Ollama: Running Large Language Models Locally
#

The landscape of Artificial Intelligence (AI) and Large Language Models (LLMs) has traditionally been dominated by cloud-based services. While powerful, these often come with costs, privacy concerns, and require constant internet connectivity. Ollama emerges as a compelling open-source solution, designed to simplify the process of downloading, managing, and running LLMs directly on your local machine. This approach offers significant advantages, including enhanced privacy, cost savings, offline capability, and greater control over the models you use.

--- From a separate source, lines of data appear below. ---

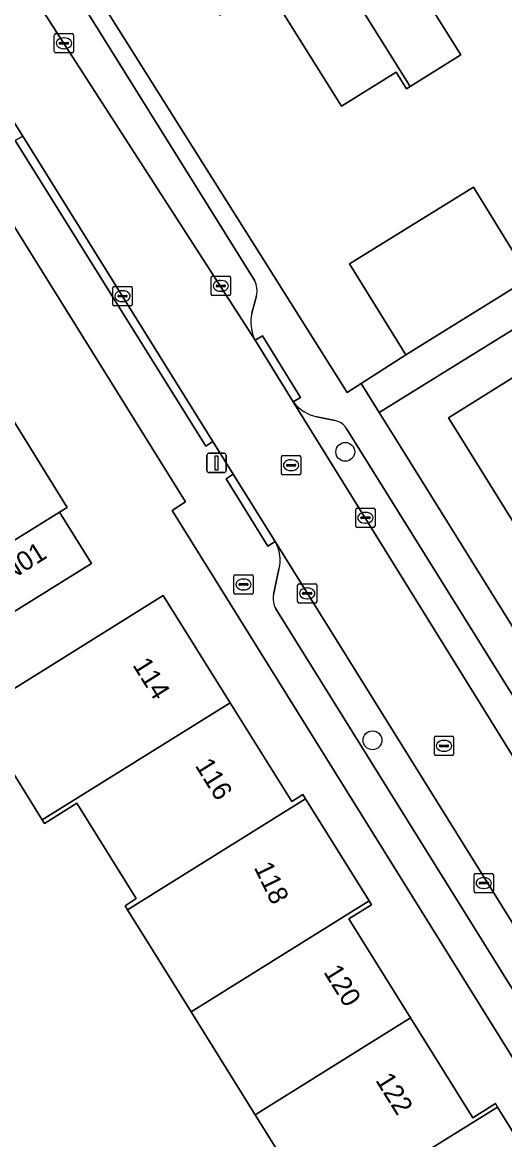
# Model space of a CAD drawing. Extents: x 159352 to 160617, y 385888 to 387323.
# Drawn here: x 159676 to 159701, y 385971 to 386029 of the extents above; entities that cross this region are included whole.
import ezdxf

# ---------------------------------------------------------------- set-up
doc = ezdxf.new("R2010")
doc.units = 0
for name, color, linetype in [('IMGEO_Boom', 7, 'Continuous'), ('IMGEO_Brandkraan', 7, 'Continuous'), ('IMGEO_Erf', 7, 'Continuous'), ('IMGEO_Kolk', 7, 'Continuous'), ('IMGEO_Lichtmast', 7, 'Continuous'), ('IMGEO_Muur', 7, 'Continuous'), ('IMGEO_Pand', 7, 'Continuous'), ('IMGEO_Pand_nummerreeks', 7, 'Continuous'), ('IMGEO_Parkeervlak_open', 7, 'Continuous'), ('IMGEO_Rijbaan_lokaal_open', 7, 'Continuous'), ('IMGEO_Rioolput', 7, 'Continuous'), ('IMGEO_Voetpad_open', 7, 'Continuous')]:
    doc.layers.add(name, color=color, linetype=linetype)

msp = doc.modelspace()

# ---------------------------------------------------------------- linework, layer by layer
at = {"layer": 'IMGEO_Boom'}
for centre in [(159692.77, 386006.677), (159694.18, 385991.71)]:
    msp.add_circle(centre, 0.489, dxfattribs=at)
at = {"layer": 'IMGEO_Brandkraan'}
for p, q in [((159687.056, 386000.294), (159687.908, 386000.294)), ((159686.981, 385999.368), (159686.981, 386000.22)), ((159687.24, 385999.788), (159687.24, 385999.8)), ((159687.678, 385999.751), (159687.28, 385999.751)), ((159687.283, 385999.837), (159687.681, 385999.837)), ((159687.469, 386000.074), (159687.494, 386000.074)), ((159687.724, 385999.8), (159687.724, 385999.788)), ((159687.982, 386000.22), (159687.982, 385999.368)), ((159687.908, 385999.294), (159687.056, 385999.294)), ((159687.492, 385999.514), (159687.467, 385999.514))]:
    msp.add_line(p, q, dxfattribs=at)
for points in [[(159687.056, 386000.294), (159687.908, 386000.294)], [(159686.981, 385999.368), (159686.981, 386000.22)], [(159687.982, 386000.22), (159687.982, 385999.368)], [(159687.908, 385999.294), (159687.056, 385999.294)]]:
    msp.add_lwpolyline(points, dxfattribs=at)
for centre, radius, start, end in [((159687.058, 386000.218), 0.0765, 91.55205, 178.44795), ((159687.058, 386000.218), 0.0765, 91.55205, 178.44795), ((159687.906, 386000.218), 0.0765, 1.55205, 88.44795), ((159687.906, 386000.218), 0.0765, 1.55205, 88.44795), ((159687.28, 385999.797), 0.0403, 85.87752, 175.75265), ((159687.277, 385999.787), 0.0366, 178.93798, 274.71019), ((159687.681, 385999.794), 0.043, 264.86636, 352.45326), ((159687.685, 385999.799), 0.0386, 1.73085, 96.63898), ((159687.058, 385999.37), 0.0765, 181.55205, 268.44795), ((159687.058, 385999.37), 0.0765, 181.55205, 268.44795), ((159687.906, 385999.37), 0.0765, 271.55205, 358.44795), ((159687.906, 385999.37), 0.0765, 271.55205, 358.44795)]:
    msp.add_arc(centre, radius, start, end, dxfattribs=at)
for centre, major_axis, ratio, start_param, end_param in [((159687.468, 385999.794), (-0.387, 0.002), 0.722429, 4.712389, 7.853982), ((159687.493, 385999.794), (-0.39, 0.002), 0.717154, 1.570796, 4.712389)]:
    msp.add_ellipse(centre, major_axis=major_axis, ratio=ratio, start_param=start_param, end_param=end_param, dxfattribs=at)
at = {"layer": 'IMGEO_Erf'}
for points in [[(159733.186, 386035.211), (159730.405, 386039.383), (159739.998, 386045.377), (159726.053, 386067.427), (159724.652, 386067.823), (159682.76, 386041.661), (159677.195, 386038.177), (159676.499, 386035.726), (159692.861, 386009.756), (159693.588, 386010.224), (159695.905, 386011.714), (159692.99, 386016.431), (159699.422, 386020.406), (159702.337, 386015.688), (159707.722, 386019.015), (159705.988, 386021.823), (159710.701, 386024.734), (159712.435, 386021.927)], [(159701.573, 386002.905), (159698.121, 386008.449), (159712.358, 386017.329), (159711.277, 386019.075), (159694.532, 386008.709), (159695.653, 386006.911), (159722.539, 385963.769), (159725.011, 385965.31), (159721.556, 385970.854), (159718.347, 385976.003), (159717.769, 385975.633), (159717.641, 385975.838), (159714.307, 385981.183), (159714.197, 385981.36), (159715.376, 385982.096), (159712.158, 385987.259), (159708.951, 385992.406), (159707.766, 385991.665), (159707.64, 385991.867), (159704.315, 385997.19), (159704.197, 385997.379), (159704.777, 385997.76)], [(159665.523, 386010.882), (159671.584, 386014.653), (159678.317, 386003.795), (159677.918, 386003.547), (159679.586, 386000.875), (159674.257, 385997.571), (159672.593, 386000.246), (159672.266, 386000.043)]]:
    msp.add_lwpolyline(points, close=True, dxfattribs=at)
for points in [[(159726.677, 385934.766), (159683.777, 386003.638), (159684.463, 386004.075), (159676.127, 386017.48), (159664.396, 386036.344)], [(159694.342, 386034.344), (159698.765, 386027.275), (159696.144, 386025.636), (159695.953, 386025.516), (159695.412, 386026.381), (159692.572, 386024.604), (159688.668, 386030.843)], [(159669.077, 385990.354), (159683.311, 385999.215), (159686.788, 385993.654), (159689.987, 385988.537), (159690.57, 385988.891), (159690.706, 385988.673), (159694.003, 385983.38), (159694.133, 385983.172), (159692.958, 385982.44), (159696.161, 385977.302), (159699.391, 385972.121), (159700.565, 385972.856), (159700.666, 385972.682), (159703.999, 385967.336)], [(159691.427, 385966.923), (159688.093, 385972.273), (159684.76, 385977.619), (159681.462, 385982.911), (159681.327, 385983.127), (159681.915, 385983.494), (159678.832, 385988.443), (159677.142, 385987.397), (159677.032, 385987.574), (159675.262, 385990.432)]]:
    msp.add_lwpolyline(points, dxfattribs=at)
at = {"layer": 'IMGEO_Kolk'}
for p, q in [((159677.656, 386027.449), (159677.656, 386028.301)), ((159677.731, 386028.375), (159678.583, 386028.375)), ((159678.144, 386028.155), (159678.169, 386028.155)), ((159678.657, 386028.301), (159678.657, 386027.449)), ((159677.915, 386027.869), (159677.915, 386027.881)), ((159678.353, 386027.832), (159677.955, 386027.832)), ((159677.958, 386027.918), (159678.356, 386027.918)), ((159678.167, 386027.595), (159678.142, 386027.595)), ((159678.399, 386027.881), (159678.399, 386027.869)), ((159678.583, 386027.375), (159677.731, 386027.375)), ((159685.802, 386014.862), (159685.802, 386015.714)), ((159685.877, 386015.788), (159686.729, 386015.788)), ((159686.104, 386015.331), (159686.502, 386015.331)), ((159686.29, 386015.568), (159686.315, 386015.568)), ((159686.803, 386015.714), (159686.803, 386014.862)), ((159680.697, 386014.328), (159680.697, 386015.18)), ((159680.772, 386015.254), (159681.624, 386015.254)), ((159680.956, 386014.748), (159680.956, 386014.76)), ((159680.999, 386014.797), (159681.397, 386014.797)), ((159681.185, 386015.034), (159681.21, 386015.034)), ((159681.44, 386014.76), (159681.44, 386014.748)), ((159681.698, 386015.18), (159681.698, 386014.328)), ((159686.729, 386014.788), (159685.877, 386014.788)), ((159686.061, 386015.282), (159686.061, 386015.294)), ((159686.499, 386015.245), (159686.101, 386015.245)), ((159686.313, 386015.008), (159686.288, 386015.008)), ((159686.545, 386015.294), (159686.545, 386015.282)), ((159681.624, 386014.254), (159680.772, 386014.254)), ((159681.394, 386014.711), (159680.996, 386014.711)), ((159681.208, 386014.474), (159681.183, 386014.474)), ((159693.387, 386003.757), (159694.239, 386003.757)), ((159693.312, 386002.831), (159693.312, 386003.683)), ((159693.571, 386003.251), (159693.571, 386003.263)), ((159694.009, 386003.214), (159693.611, 386003.214)), ((159693.614, 386003.3), (159694.012, 386003.3)), ((159693.8, 386003.537), (159693.825, 386003.537)), ((159694.055, 386003.263), (159694.055, 386003.251)), ((159694.313, 386003.683), (159694.313, 386002.831)), ((159694.239, 386002.757), (159693.387, 386002.757)), ((159693.823, 386002.977), (159693.798, 386002.977)), ((159690.291, 385998.907), (159690.291, 385999.759)), ((159690.366, 385999.833), (159691.218, 385999.833)), ((159691.292, 385999.759), (159691.292, 385998.907)), ((159690.55, 385999.327), (159690.55, 385999.339)), ((159690.988, 385999.29), (159690.59, 385999.29)), ((159690.593, 385999.376), (159690.991, 385999.376)), ((159690.779, 385999.613), (159690.804, 385999.613)), ((159691.034, 385999.339), (159691.034, 385999.327)), ((159691.218, 385998.833), (159690.366, 385998.833)), ((159690.802, 385999.053), (159690.777, 385999.053)), ((159699.461, 385983.876), (159699.461, 385984.728)), ((159699.536, 385984.802), (159700.388, 385984.802)), ((159700.462, 385984.728), (159700.462, 385983.876)), ((159699.72, 385984.296), (159699.72, 385984.308)), ((159700.158, 385984.259), (159699.76, 385984.259)), ((159699.763, 385984.345), (159700.161, 385984.345)), ((159699.972, 385984.022), (159699.947, 385984.022)), ((159699.949, 385984.582), (159699.974, 385984.582)), ((159700.204, 385984.308), (159700.204, 385984.296)), ((159700.388, 385983.802), (159699.536, 385983.802))]:
    msp.add_line(p, q, dxfattribs=at)
for points in [[(159677.656, 386027.449), (159677.656, 386028.301)], [(159677.731, 386028.375), (159678.583, 386028.375)], [(159678.657, 386028.301), (159678.657, 386027.449)], [(159678.583, 386027.375), (159677.731, 386027.375)], [(159685.802, 386014.862), (159685.802, 386015.714)], [(159685.877, 386015.788), (159686.729, 386015.788)], [(159686.803, 386015.714), (159686.803, 386014.862)], [(159680.697, 386014.328), (159680.697, 386015.18)], [(159680.772, 386015.254), (159681.624, 386015.254)], [(159681.698, 386015.18), (159681.698, 386014.328)], [(159686.729, 386014.788), (159685.877, 386014.788)], [(159681.624, 386014.254), (159680.772, 386014.254)], [(159693.387, 386003.757), (159694.239, 386003.757)], [(159693.312, 386002.831), (159693.312, 386003.683)], [(159694.313, 386003.683), (159694.313, 386002.831)], [(159694.239, 386002.757), (159693.387, 386002.757)], [(159690.291, 385998.907), (159690.291, 385999.759)], [(159690.366, 385999.833), (159691.218, 385999.833)], [(159691.292, 385999.759), (159691.292, 385998.907)], [(159691.218, 385998.833), (159690.366, 385998.833)], [(159699.461, 385983.876), (159699.461, 385984.728)], [(159699.536, 385984.802), (159700.388, 385984.802)], [(159700.462, 385984.728), (159700.462, 385983.876)], [(159700.388, 385983.802), (159699.536, 385983.802)]]:
    msp.add_lwpolyline(points, dxfattribs=at)
for centre, radius, start, end in [((159677.733, 386028.299), 0.0765, 91.55205, 178.44795), ((159677.733, 386028.299), 0.0765, 91.55205, 178.44795), ((159678.581, 386028.299), 0.0765, 1.55205, 88.44795), ((159678.581, 386028.299), 0.0765, 1.55205, 88.44795), ((159677.955, 386027.878), 0.0403, 85.87752, 175.75265), ((159677.952, 386027.868), 0.0366, 178.93798, 274.71019), ((159678.356, 386027.875), 0.043, 264.86636, 352.45326), ((159678.36, 386027.88), 0.0386, 1.73085, 96.63898), ((159677.733, 386027.451), 0.0765, 181.55205, 268.44795), ((159677.733, 386027.451), 0.0765, 181.55205, 268.44795), ((159678.581, 386027.451), 0.0765, 271.55205, 358.44795), ((159678.581, 386027.451), 0.0765, 271.55205, 358.44795), ((159685.879, 386015.712), 0.0765, 91.55205, 178.44795), ((159685.879, 386015.712), 0.0765, 91.55205, 178.44795), ((159686.101, 386015.291), 0.0403, 85.87752, 175.75265), ((159686.506, 386015.293), 0.0386, 1.73085, 96.63898), ((159686.727, 386015.712), 0.0765, 1.55205, 88.44795), ((159686.727, 386015.712), 0.0765, 1.55205, 88.44795), ((159680.774, 386015.178), 0.0765, 91.55205, 178.44795), ((159680.774, 386015.178), 0.0765, 91.55205, 178.44795), ((159680.996, 386014.757), 0.0403, 85.87752, 175.75265), ((159680.993, 386014.747), 0.0366, 178.93798, 274.71019), ((159681.397, 386014.754), 0.043, 264.86636, 352.45326), ((159681.401, 386014.759), 0.0386, 1.73085, 96.63898), ((159681.622, 386015.178), 0.0765, 1.55205, 88.44795), ((159681.622, 386015.178), 0.0765, 1.55205, 88.44795), ((159685.879, 386014.864), 0.0765, 181.55205, 268.44795), ((159685.879, 386014.864), 0.0765, 181.55205, 268.44795), ((159686.098, 386015.281), 0.0366, 178.93798, 274.71019), ((159686.502, 386015.288), 0.043, 264.86636, 352.45326), ((159686.727, 386014.864), 0.0765, 271.55205, 358.44795), ((159686.727, 386014.864), 0.0765, 271.55205, 358.44795), ((159680.774, 386014.33), 0.0765, 181.55205, 268.44795), ((159680.774, 386014.33), 0.0765, 181.55205, 268.44795), ((159681.622, 386014.33), 0.0765, 271.55205, 358.44795), ((159681.622, 386014.33), 0.0765, 271.55205, 358.44795), ((159693.389, 386003.681), 0.0765, 91.55205, 178.44795), ((159693.389, 386003.681), 0.0765, 91.55205, 178.44795), ((159694.237, 386003.681), 0.0765, 1.55205, 88.44795), ((159694.237, 386003.681), 0.0765, 1.55205, 88.44795), ((159693.611, 386003.26), 0.0403, 85.87752, 175.75265), ((159693.608, 386003.25), 0.0366, 178.93798, 274.71019), ((159694.012, 386003.257), 0.043, 264.86636, 352.45326), ((159694.016, 386003.262), 0.0386, 1.73085, 96.63898), ((159693.389, 386002.833), 0.0765, 181.55205, 268.44795), ((159693.389, 386002.833), 0.0765, 181.55205, 268.44795), ((159694.237, 386002.833), 0.0765, 271.55205, 358.44795), ((159694.237, 386002.833), 0.0765, 271.55205, 358.44795), ((159690.368, 385999.757), 0.0765, 91.55205, 178.44795), ((159690.368, 385999.757), 0.0765, 91.55205, 178.44795), ((159691.216, 385999.757), 0.0765, 1.55205, 88.44795), ((159691.216, 385999.757), 0.0765, 1.55205, 88.44795), ((159690.59, 385999.336), 0.0403, 85.87752, 175.75265), ((159690.587, 385999.326), 0.0366, 178.93798, 274.71019), ((159690.991, 385999.333), 0.043, 264.86636, 352.45326), ((159690.995, 385999.338), 0.0386, 1.73085, 96.63898), ((159690.368, 385998.909), 0.0765, 181.55205, 268.44795), ((159690.368, 385998.909), 0.0765, 181.55205, 268.44795), ((159691.216, 385998.909), 0.0765, 271.55205, 358.44795), ((159691.216, 385998.909), 0.0765, 271.55205, 358.44795), ((159699.538, 385984.726), 0.0765, 91.55205, 178.44795), ((159699.538, 385984.726), 0.0765, 91.55205, 178.44795), ((159700.386, 385984.726), 0.0765, 1.55205, 88.44795), ((159700.386, 385984.726), 0.0765, 1.55205, 88.44795), ((159699.76, 385984.305), 0.0403, 85.87752, 175.75265), ((159699.757, 385984.295), 0.0366, 178.93798, 274.71019), ((159700.161, 385984.302), 0.043, 264.86636, 352.45326), ((159700.165, 385984.307), 0.0386, 1.73085, 96.63898), ((159699.538, 385983.878), 0.0765, 181.55205, 268.44795), ((159699.538, 385983.878), 0.0765, 181.55205, 268.44795), ((159700.386, 385983.878), 0.0765, 271.55205, 358.44795), ((159700.386, 385983.878), 0.0765, 271.55205, 358.44795)]:
    msp.add_arc(centre, radius, start, end, dxfattribs=at)
for centre, major_axis, ratio, start_param, end_param in [((159678.143, 386027.875), (-0.387, 0.002), 0.722429, 4.712389, 7.853982), ((159678.168, 386027.875), (-0.39, 0.002), 0.717154, 1.570796, 4.712389), ((159686.289, 386015.288), (-0.387, 0.002), 0.722429, 4.712389, 7.853982), ((159686.314, 386015.288), (-0.39, 0.002), 0.717154, 1.570796, 4.712389), ((159681.184, 386014.754), (-0.387, 0.002), 0.722429, 4.712389, 7.853982), ((159681.209, 386014.754), (-0.39, 0.002), 0.717154, 1.570796, 4.712389), ((159693.799, 386003.257), (-0.387, 0.002), 0.722429, 4.712389, 7.853982), ((159693.824, 386003.257), (-0.39, 0.002), 0.717154, 1.570796, 4.712389), ((159690.778, 385999.333), (-0.387, 0.002), 0.722429, 4.712389, 7.853982), ((159690.803, 385999.333), (-0.39, 0.002), 0.717154, 1.570796, 4.712389), ((159699.948, 385984.302), (-0.387, 0.002), 0.722429, 4.712389, 7.853982), ((159699.973, 385984.302), (-0.39, 0.002), 0.717154, 1.570796, 4.712389)]:
    msp.add_ellipse(centre, major_axis=major_axis, ratio=ratio, start_param=start_param, end_param=end_param, dxfattribs=at)
at = {"layer": 'IMGEO_Lichtmast'}
for p, q in [((159685.584, 386005.702), (159685.584, 386006.502)), ((159685.584, 386006.502), (159685.584, 386005.702)), ((159685.684, 386006.602), (159686.474, 386006.602)), ((159686.474, 386006.602), (159685.684, 386006.602)), ((159686.574, 386006.502), (159686.574, 386005.702)), ((159686.574, 386005.702), (159686.574, 386006.502)), ((159686.474, 386005.602), (159685.684, 386005.602)), ((159685.684, 386005.602), (159686.474, 386005.602))]:
    msp.add_line(p, q, dxfattribs=at)
msp.add_lwpolyline([(159686.004, 386006.477), (159686.154, 386006.477), (159686.154, 386005.727), (159686.004, 386005.727), (159686.004, 386006.477)], dxfattribs=at)
for centre, start, end in [((159685.684, 386006.502), 90, 180), ((159685.684, 386006.502), 90, 180), ((159686.474, 386006.502), 0, 90), ((159686.474, 386006.502), 360, 90), ((159685.684, 386005.702), 180, 270), ((159685.684, 386005.702), 180, 270), ((159686.474, 386005.702), 270, 0), ((159686.474, 386005.702), 270, 0)]:
    msp.add_arc(centre, 0.1, start, end, dxfattribs=at)
at = {"layer": 'IMGEO_Muur'}
msp.add_lwpolyline([(159676.499, 386035.726), (159692.838, 386009.794)], dxfattribs=at)
at = {"layer": 'IMGEO_Pand'}
for points in [[(159692.982, 386042.203), (159687.801, 386038.964), (159696.144, 386025.636), (159698.765, 386027.275), (159694.342, 386034.344), (159696.906, 386035.948)], [(159687.801, 386038.964), (159682.354, 386035.559), (159686.251, 386029.331), (159688.668, 386030.843), (159692.572, 386024.604), (159695.412, 386026.381), (159695.953, 386025.516), (159696.144, 386025.636)], [(159702.337, 386015.688), (159699.422, 386020.406), (159692.99, 386016.431), (159695.905, 386011.714)], [(159709.58, 386011.831), (159714.064, 386014.619), (159713.852, 386014.956), (159712.358, 386017.329), (159698.121, 386008.449), (159701.573, 386002.905), (159711.345, 386008.993)], [(159678.317, 386003.795), (159671.584, 386014.653), (159665.523, 386010.882), (159672.266, 386000.043), (159672.593, 386000.246), (159677.918, 386003.547)], [(159674.257, 385997.571), (159679.586, 386000.875), (159677.918, 386003.547), (159672.593, 386000.246)], [(159686.788, 385993.654), (159683.311, 385999.215), (159669.077, 385990.354), (159670.756, 385987.642), (159675.262, 385990.432), (159677.032, 385987.574)], [(159690.706, 385988.673), (159690.57, 385988.891), (159689.987, 385988.537), (159686.788, 385993.654), (159677.032, 385987.574), (159677.142, 385987.397), (159678.832, 385988.443), (159681.915, 385983.494), (159681.327, 385983.127), (159681.462, 385982.911)], [(159681.462, 385982.911), (159684.76, 385977.619), (159694.003, 385983.38), (159690.706, 385988.673)], [(159696.161, 385977.302), (159692.958, 385982.44), (159694.133, 385983.172), (159694.003, 385983.38), (159684.76, 385977.619), (159688.093, 385972.273)], [(159688.093, 385972.273), (159691.427, 385966.923), (159700.666, 385972.682), (159700.565, 385972.856), (159699.391, 385972.121), (159696.161, 385977.302)], [(159703.999, 385967.336), (159700.666, 385972.682), (159691.427, 385966.923), (159694.759, 385961.577)]]:
    msp.add_lwpolyline(points, close=True, dxfattribs=at)
at = {"layer": 'IMGEO_Parkeervlak_open'}
for points in [[(159676.243, 386030.847), (159688.08, 386012.469)], [(159688.07, 386015.556), (159679.356, 386029.499)], [(159687.917, 386013.868), (159688.156, 386014.778)], [(159690.064, 386009.27), (159733.253, 385939.657)], [(159692.239, 386008.296), (159691.296, 386008.497)], [(159721.084, 385962.578), (159692.854, 386007.849)], [(159729.51, 385937.17), (159689.128, 386002.021)], [(159689.324, 386000.58), (159689.045, 385999.275)], [(159689.162, 385998.525), (159714.229, 385958.291)]]:
    msp.add_lwpolyline(points, dxfattribs=at)
for centre, radius, start, end in [((159686.999, 386015.044), 1.187, 347.05822, 25.55749), ((159689.968, 386013.398), 2.104, 167.08889, 206.20245), ((159691.683, 386010.482), 2.023, 216.822, 258.9668), ((159692.055, 386007.396), 0.919, 29.55542, 78.42308), ((159687.521, 386001.069), 1.868, 344.84268, 30.64862), ((159690.038, 385999.046), 1.019, 166.9962, 210.73715)]:
    msp.add_arc(centre, radius, start, end, dxfattribs=at)
at = {"layer": 'IMGEO_Rijbaan_lokaal_open'}
msp.add_lwpolyline([(159729.606, 385937.026), (159733.392, 385939.433), (159733.253, 385939.657), (159690.064, 386009.27), (159688.08, 386012.469), (159676.243, 386030.847), (159672.6, 386028.467), (159676.012, 386023.063), (159685.883, 386007.217), (159686.951, 386005.519), (159689.128, 386002.021), (159729.51, 385937.17)], close=True, dxfattribs=at)
at = {"layer": 'IMGEO_Rioolput'}
for p, q in [((159689.454, 386005.557), (159689.454, 386006.409)), ((159689.529, 386006.483), (159690.381, 386006.483)), ((159689.942, 386006.263), (159689.967, 386006.263)), ((159690.455, 386006.409), (159690.455, 386005.557)), ((159690.381, 386005.483), (159689.529, 386005.483)), ((159689.713, 386005.977), (159689.713, 386005.989)), ((159690.151, 386005.94), (159689.753, 386005.94)), ((159689.756, 386006.026), (159690.154, 386006.026)), ((159689.965, 386005.703), (159689.94, 386005.703)), ((159690.197, 386005.989), (159690.197, 386005.977)), ((159697.394, 385990.995), (159697.394, 385991.847)), ((159697.469, 385991.921), (159698.321, 385991.921)), ((159697.882, 385991.701), (159697.907, 385991.701)), ((159698.395, 385991.847), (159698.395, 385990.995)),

Why Choose Local LLMs with Ollama?
#

Running LLMs locally addresses several key challenges associated with cloud services:

  1. Privacy and Security: When using local models via Ollama, your data doesn’t need to leave your machine. This is crucial for handling sensitive information or for applications in sectors like healthcare and finance where data privacy is paramount.
  2. Cost Efficiency: Cloud-based LLM services often involve ongoing costs related to API calls or server usage. Ollama eliminates these costs, as you leverage your own hardware resources. Once a model is downloaded, running it incurs no additional expense.
  3. Reduced Latency: Local execution significantly reduces the network latency inherent in communicating with remote servers. This results in faster response times, which is beneficial for interactive applications.
  4. Offline Capability: Since the models run on your machine, you can use them even without an active internet connection (after the initial download).
  5. Customization and Flexibility: Ollama provides greater flexibility in customizing and fine-tuning models to suit specific needs, without the limitations imposed by third-party service providers.
  6. Accessibility: It simplifies the technically challenging process of setting up LLMs, making advanced language processing accessible to a broader audience, including developers, researchers, and hobbyists, without deep knowledge of machine learning frameworks or complex hardware configurations.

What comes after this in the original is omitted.